Member of the Mississippi State Senate from the 10th district
- In office January 3, 2012 – January 5, 2016
- Preceded by: Nolan Mettetal
- Succeeded by: Bill Stone

Personal details
- Born: March 28, 1954 (age 72) Memphis, Tennessee, U.S.
- Party: Democratic
- Children: 2

= Steve Hale (politician) =

American politician (born 1954)

Steve Hale (born March 28, 1954) is an American Democratic politician and businessman who served in the Mississippi State Senate, representing the 10th District, from 2012 to 2016.

== Early life ==
Steve Hale was born on March 28, 1954, in Memphis, Tennessee. He attended Magnolia Heights School where he played baseball, graduating in 1972. Hale graduated from Northwest Mississippi Community College. He then attended Mississippi State University, where he played as an infielder on the university baseball team, graduating in 1976. After graduation, Hale worked for a family lumber company from 1976 to 1991. In the 2010s he was a member of the advisory board of the First Tennessee Bank.

== Political career ==
Hale served as an alderman of Senatobia, Mississippi, from 1989 to 1993. He was Senatobia's mayor from 1993 to 2001. From 2002 to 2003, he was the deputy director of the Mississippi Development Authority and then was its executive director from 2003 to 2004. From 2005 to 2011, Hale was the director of the Tate County Planning Commission.

In 2011, Hale ran as a Democrat to represent the 10th District (parts of Panola and Tate Counties) in the Mississippi State Senate for the 2012–2016 term. Hale won the Democratic Primary, defeating Michael Cathey, on August 2, 2011. Hale then defeated Republican Vann Branch in the general election on November 8, 2011; Hale received 12,846 votes, or 63%, while Vann received 7,530 votes, or 37%.

During his term, Hale was the vice chair of the Economic Development Committee, and was a member of the following other committees: Accountability, Efficiency, and Transparency; Education; Finance; Investigate State Offices; Judiciary A; and Universities & Colleges.
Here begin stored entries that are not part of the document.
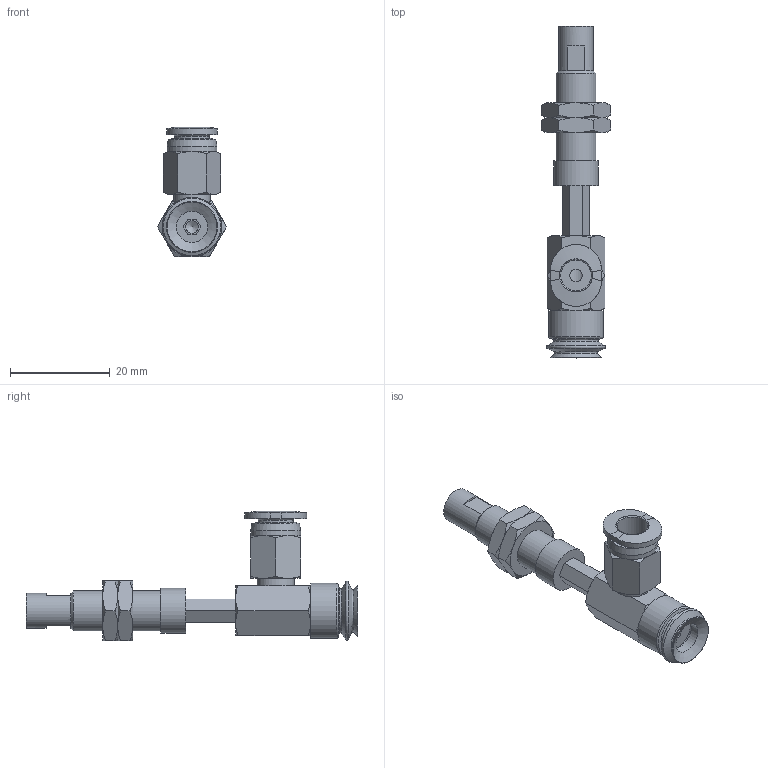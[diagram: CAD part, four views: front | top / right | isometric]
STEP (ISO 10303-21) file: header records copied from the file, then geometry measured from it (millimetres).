
FILE_DESCRIPTION(('STEP AP203'),'1');
FILE_NAME('-O.stp','2025-04-24T06:32:12',(' '),(' '),'Spatial InterOp 3D',' ',' ');
FILE_SCHEMA(('CONFIG_CONTROL_DESIGN'));
Length unit declared in the file: millimetre
Products named in the file (8): BNABPJYH-10-10-※-O; Adapter-10-NAPJ; CONNECTOR_H-10-10; NAPJH-10-10-NUT; NAPJTH-10-10-FBODY; NAPJTH-10-10-MBODY; BPJG-10-※; PC-C_06-M5
Assembly tree (8 placements, depth 2):
  BNABPJYH-10-10-※-O
    Adapter-10-NAPJ
    CONNECTOR_H-10-10
    NAPJH-10-10-NUT  x2
    NAPJTH-10-10-FBODY
    NAPJTH-10-10-MBODY
    BPJG-10-※
    PC-C_06-M5
Bounding box: 13.86 x 66.5 x 25.98 mm (x, y, z)
Volume: 4054.5 mm3; surface area: 5675.3 mm2
Topology: 7 solids, 10 shells, 200 faces, 429 edges, 262 vertices
Faces by surface type: plane 87, cone 72, cylinder 25, torus 9, bspline 4, revolution 3
Full cylindrical faces by diameter (mm): 2.5 x1, 4 x2, 4.134 x3, 4.6 x1, 5 x3, 6.266 x1, 7 x2, 7.188 x2, 7.4 x1, 7.8 x1, 8 x2, 8.2 x1, 9 x1, 10 x1, 11 x1
Entity records: 5412 total; most frequent: CARTESIAN_POINT 1558, DIRECTION 713, ORIENTED_EDGE 626, EDGE_CURVE 315, AXIS2_PLACEMENT_3D 299, EDGE_LOOP 256, VERTEX_POINT 222, FACE_OUTER_BOUND 148

Hale ran for re-election for the same district in 2015 for the 2016–2020 term. He lost the Democratic Party primary to Senator Bill Stone, with Hale receiving 3,922 votes or 42.2% of the vote, and Stone receiving 5,364 votes or 57.8% of the vote.

== Personal life ==
Hale is a Baptist. He is married to the former Cindy Rials and they have two children.